Discovered the excellent `ggscatter`

function in the `ggpubr`

library to generate correlation plots. I generated correlation plots for the 3 differentially abundant proteins (HSP90, Puromycin-sensitive aminopeptidase, Trifunctional Enzyme). At first I was going to just use Pep1 (the most abundant peptide from each protein) to generate these plots. Instead, I z-transformed all peptide abundance data so they were all on the same scale, and thus could regress all peptides from each protein against environmental paramters.

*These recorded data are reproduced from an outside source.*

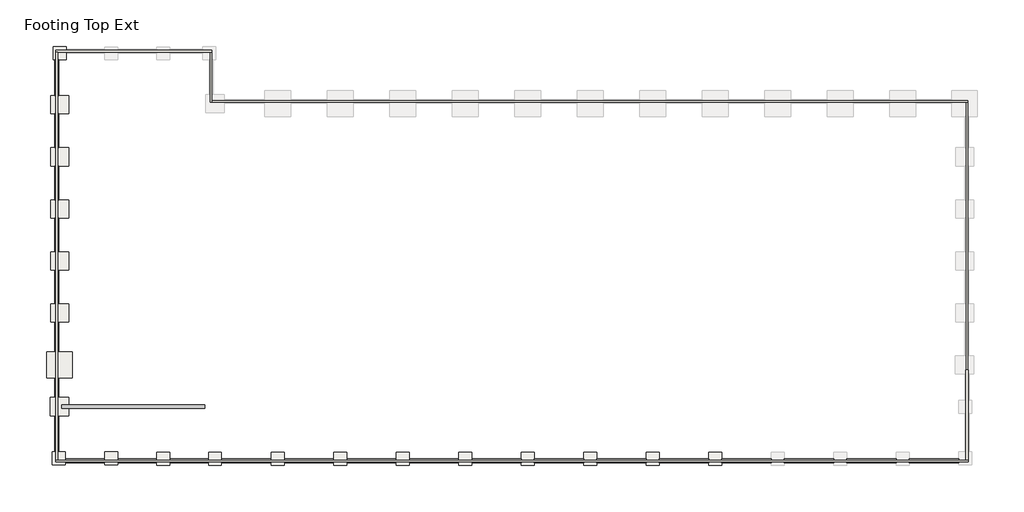
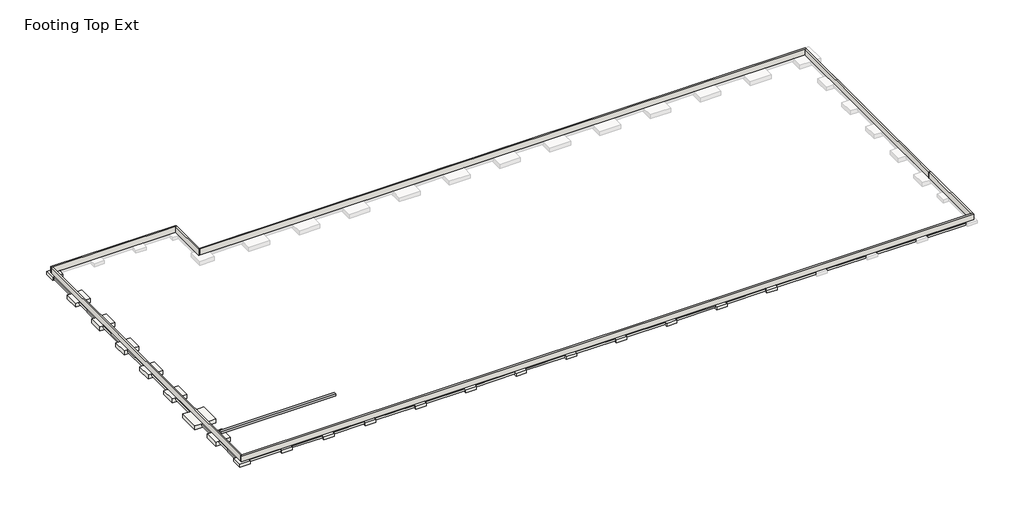
# One storey, part 1 of 2: 20 slabs, 7 walls, 2 footings, 1 beam.
"""IFC4 building model written with IfcOpenShell, lengths in millimetres."""

import ifcopenshell
import ifcopenshell.guid

model = None  # the IFC model being written
_history = None  # IfcOwnerHistory: only IFC2X3 demands one
_inside = {}  # id of a spatial element -> (the spatial element, [elements in it])
_under = {}  # id of a project, library or spatial element -> (it, [spatial elements below it])
_declared = {}  # id of a project -> (the project, [libraries it declares])
_typed = {}  # id of a type object -> (the type object, [elements of that type])
_made_of = {}  # id of a material, layer set ... -> (it, [elements and type objects made of it])


def new_model(schema):
    """Start an empty IFC model of exactly this schema.

    Asked for "IFC4X3", IfcOpenShell would pick the latest addendum, in which some entities
    have other attributes; the version numbers below select the first issue.
    IFC2X3 requires an IfcOwnerHistory on every rooted entity: one is made here for all.
    """
    global model, _history
    if schema == "IFC4X3":
        model = ifcopenshell.file(schema_version=(4, 3, 0, 0))
    else:
        model = ifcopenshell.file(schema=schema)
    _inside.clear()
    _under.clear()
    _declared.clear()
    _typed.clear()
    _made_of.clear()
    _history = None
    if model.schema == "IFC2X3":
        org = make("IfcOrganization", Name="unknown")
        user = make(
            "IfcPersonAndOrganization",
            ThePerson=make("IfcPerson", FamilyName="unknown"),
            TheOrganization=org,
        )
        app = make(
            "IfcApplication",
            ApplicationDeveloper=org,
            Version="unknown",
            ApplicationFullName="unknown",
            ApplicationIdentifier="unknown",
        )
        _history = make(
            "IfcOwnerHistory",
            OwningUser=user,
            OwningApplication=app,
            ChangeAction="ADDED",
            CreationDate=0,
        )
    return model


def make(cls, **values):
    """One entity of the class cls with the attributes given. An attribute that is None is left unset."""
    return model.create_entity(
        cls, **{name: value for name, value in values.items() if value is not None}
    )


def rooted(cls, **values):
    """An entity with a GlobalId (a new one), such as an element, a storey or a relation."""
    return make(cls, GlobalId=ifcopenshell.guid.new(), OwnerHistory=_history, **values)


def si_unit(unit_type, name, prefix=None):
    """IfcSIUnit, for example si_unit("LENGTHUNIT", "METRE", prefix="MILLI")."""
    return make("IfcSIUnit", UnitType=unit_type, Prefix=prefix, Name=name)


def assignment(units):
    """IfcUnitAssignment: the units of a project."""
    return None if units is None else make("IfcUnitAssignment", Units=units)


def point(xyz):
    """IfcCartesianPoint."""
    return None if xyz is None else make("IfcCartesianPoint", Coordinates=xyz)


def direction(xyz):
    """IfcDirection."""
    return None if xyz is None else make("IfcDirection", DirectionRatios=xyz)


def frame(location, z_axis=None, x_axis=None):
    """IfcAxis2Placement3D, a coordinate frame: its origin and axes. An axis left out is left unset."""
    return make(
        "IfcAxis2Placement3D",
        Location=point(location),
        Axis=direction(z_axis),
        RefDirection=direction(x_axis),
    )


def origin():
    """The frame at (0, 0, 0) with its axes left unset."""
    return frame((0.0, 0.0, 0.0))


def place(relative_to, where):
    """IfcLocalPlacement: puts the frame where relative to a parent placement (None: the world)."""
    return make(
        "IfcLocalPlacement", PlacementRelTo=relative_to, RelativePlacement=where
    )


def context(
    kind, dimensions, precision=None, world=None, true_north=None, identifier=None
):
    """IfcGeometricRepresentationContext, for example the 3D "Model" context."""
    return make(
        "IfcGeometricRepresentationContext",
        ContextIdentifier=identifier,
        ContextType=kind,
        CoordinateSpaceDimension=dimensions,
        Precision=precision,
        WorldCoordinateSystem=world,
        TrueNorth=true_north,
    )


def project(units=None, contexts=None):
    """IfcProject with its units and contexts."""
    return rooted(
        "IfcProject",
        Name="project",
        RepresentationContexts=contexts,
        UnitsInContext=assignment(units),
    )


def spatial(cls, under=None, at=None, **own):
    """A site, building, storey or space (cls), placed at a placement, below another one or the project."""
    s = rooted(cls, ObjectPlacement=at, **own)
    if under is not None:
        _under.setdefault(under.id(), (under, []))[1].append(s)
    return s


def polyline(points):
    """IfcPolyline through the points."""
    return make("IfcPolyline", Points=[point(p) for p in points])


def outline(outer, holes=None, kind="AREA"):
    """IfcArbitraryClosedProfileDef: a profile drawn as a closed curve; with holes, ...WithVoids."""
    if holes is None:
        return make("IfcArbitraryClosedProfileDef", ProfileType=kind, OuterCurve=outer)
    return make(
        "IfcArbitraryProfileDefWithVoids",
        ProfileType=kind,
        OuterCurve=outer,
        InnerCurves=holes,
    )


def extrude(swept, where, along, depth):
    """IfcExtrudedAreaSolid: the profile swept, set in the frame where, extruded along a direction by depth."""
    return make(
        "IfcExtrudedAreaSolid",
        SweptArea=swept,
        Position=where,
        ExtrudedDirection=direction(along),
        Depth=depth,
    )


def faces_of(points, faces, orient=None, outer=None):
    """IfcFace entities. A face is a list of loops; a loop is a list of indices into points, from 0.

    orient and outer hold one flag for each loop. By default every Orientation is true, the
    first loop of a face is its IfcFaceOuterBound and the others are IfcFaceBound.
    """
    made = []
    for i, loops in enumerate(faces):
        bounds = []
        for j, loop in enumerate(loops):
            is_outer = j == 0 if outer is None else outer[i][j]
            bounds.append(
                make(
                    "IfcFaceOuterBound" if is_outer else "IfcFaceBound",
                    Bound=make("IfcPolyLoop", Polygon=[points[k] for k in loop]),
                    Orientation=True if orient is None else orient[i][j],
                )
            )
        made.append(make("IfcFace", Bounds=bounds))
    return made


def faceted_brep(points, faces, orient=None, outer=None, voids=None):
    """IfcFacetedBrep: a solid bounded by flat faces; with voids (closed shells), ...WithVoids."""
    shared = [point(p) for p in points]
    hull = make("IfcClosedShell", CfsFaces=faces_of(shared, faces, orient, outer))
    if voids is None:
        return make("IfcFacetedBrep", Outer=hull)
    return make(
        "IfcFacetedBrepWithVoids",
        Outer=hull,
        Voids=[
            make(cls, CfsFaces=faces_of(shared, fs, o, b)) for cls, fs, o, b in voids
        ],
    )


def shape(context_of_items, identifier, shape_type, items):
    """IfcShapeRepresentation: the items that make up one representation, for example the "Body"."""
    return make(
        "IfcShapeRepresentation",
        ContextOfItems=context_of_items,
        RepresentationIdentifier=identifier,
        RepresentationType=shape_type,
        Items=items,
    )


def made_of(thing, what):
    """Note that an element or type object is made of a material, layer set ...; save() writes the relation."""
    if what is not None:
        _made_of.setdefault(what.id(), (what, []))[1].append(thing)
    return thing


def element(
    cls,
    number,
    at=None,
    inside=None,
    cuts=None,
    type_object=None,
    material=None,
    context=None,
    identifier="Body",
    shape_type=None,
    held_by="IfcProductDefinitionShape",
    body=None,
    shapes=None,
    **own,
):
    """One element of the class cls, such as IfcWall. Its Tag is "e" and its number.

    at: its placement. inside: the storey or other place that contains it. cuts: it is an
    opening in that element (IfcRelVoidsElement). A single representation is given by context,
    identifier, shape_type and body (its items); several are given by shapes. held_by: the class
    of the entity that holds the representations. save() writes the other relations.
    """
    e = rooted(cls, Tag="e%d" % number, ObjectPlacement=at, **own)
    if body is not None:
        shapes = [shape(context, identifier, shape_type, body)]
    if shapes is not None:
        e.Representation = make(held_by, Representations=shapes)
    if inside is not None:
        _inside.setdefault(inside.id(), (inside, []))[1].append(e)
    if cuts is not None:
        rooted(
            "IfcRelVoidsElement", RelatingBuildingElement=cuts, RelatedOpeningElement=e
        )
    if type_object is not None:
        _typed.setdefault(type_object.id(), (type_object, []))[1].append(e)
    return made_of(e, material)


def aggregate(whole, parts):
    """IfcRelAggregates: a whole, such as a stair, and the parts it consists of."""
    return rooted("IfcRelAggregates", RelatingObject=whole, RelatedObjects=parts)


def save(model, path):
    """Write the relations noted so far, then the file.

    IfcRelAggregates (storeys below a building ...), IfcRelContainedInSpatialStructure (elements
    in a storey), IfcRelDefinesByType, IfcRelAssociatesMaterial and IfcRelDeclares: one each for
    every whole, place, type object, material and project.
    """
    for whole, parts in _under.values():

It’s a good idea to quickly summarize how I’ve manipulated peptide abundance data in this project:

- lambda-transformed abundance by each protein to create normal distributions, then compared across habitats, sites, and regions using ANOVA
- z-transformed by each peptide ((X-mean)/SD), then ran correlation analysis against each environmental parameter

### 3. From plots, selected env. summary stats to use in models

Selected the following environmental parameters per the respective proteins for model constructions, using an approximate alpha=0.01 as cutoff: % Growth, DO.sd, DO.var, pH.sd.1, salinity.mean, salinity.sd.1. Here are the correlation plots for these parameters, using HSP90 for the purposes of this example:

### 4. Generate correlation plots with selected env. variables to identify potential interactions

Generated a correlation plot with the `pairs()`

function to identify any environmental parameters that are highly correlated; if identified, I can leave one of the two correlated metrics out of my linear model.
From the correlation plot, it appears that:

- DO.sd & DO.var highly correlated. Select DO.sd since it’s correlation p=value is slightly smaller
- pH.sd & pH.var highly correlated. Select pH.var since it’s correlation p=value is smaller and r value higher

### 5. Run multiple linear regression model

Ran the following model and viewed summary:

```
Call:
lm(formula = value ~ DO.mean.loc.Z + DO.sd.loc.Z + pH.var.loc.Z +
Salinity.mean.loc.Z + Temperature.mean.loc.Z, data = data.pepsum.Env.Stats.HSP90.Z,
singular.ok = TRUE)
Residuals:
Min 1Q Median 3Q Max
-1.7794 -0.4787 0.1177 0.5790 1.2928
Coefficients: (1 not defined because of singularities)
Estimate Std. Error t value Pr(>|t|)
(Intercept) 0.2450 0.5825 0.421 0.67510
DO.mean.loc.Z 0.6813 1.1876 0.574 0.56776
DO.sd.loc.Z -1.0086 0.9314 -1.083 0.28206
pH.var.loc.Z 0.3494 0.2268 1.541 0.12723
Salinity.mean.loc.Z 1.0207 0.3477 2.935 0.00432 **
Temperature.mean.loc.Z NA NA NA NA
---
Signif. codes: 0 ‘***’ 0.001 ‘**’ 0.01 ‘*’ 0.05 ‘.’ 0.1 ‘ ’ 1
Residual standard error: 0.7499 on 82 degrees of freedom
(54 observations deleted due to missingness)
Multiple R-squared: 0.4062, Adjusted R-squared: 0.3772
F-statistic: 14.02 on 4 and 82 DF, p-value: 9.27e-09
```

Also ran `anova()`

on the model:

```
> anova(lm.HSP90)
Analysis of Variance Table
Response: value
Df Sum Sq Mean Sq F value Pr(>F)
DO.mean.loc.Z 1 25.041 25.0415 44.5306 2.74e-09 ***
DO.sd.loc.Z 1 0.575 0.5754 1.0232 0.314744
pH.var.loc.Z 1 1.077 1.0767 1.9147 0.170197
Salinity.mean.loc.Z 1 4.846 4.8458 8.6171 0.004319 **
Residuals 82 46.112 0.5623
---
Signif. codes: 0 ‘***’ 0.001 ‘**’ 0.01 ‘*’ 0.05 ‘.’ 0.1 ‘ ’ 1
>
```

The coefficient significances are not adequate, and one parameter (T) was left out due to singularity. After messing with models for weeks I have decided to not include them in my paper. I’ve made this decision for several reasons: 1) I don’t believe that I have all influential parameters at hand to construct a representative model, 2) With the exiting environmental data, I believe that correlation analysis is adequate for the purposes of our paper, and perhaps most importantly 3) I don’t know what I’m doing so unable to make informed decisions nor interpret results (I hope to take the regression course next quarter). I also attempted to build a Structural Equation Model, but again, failed.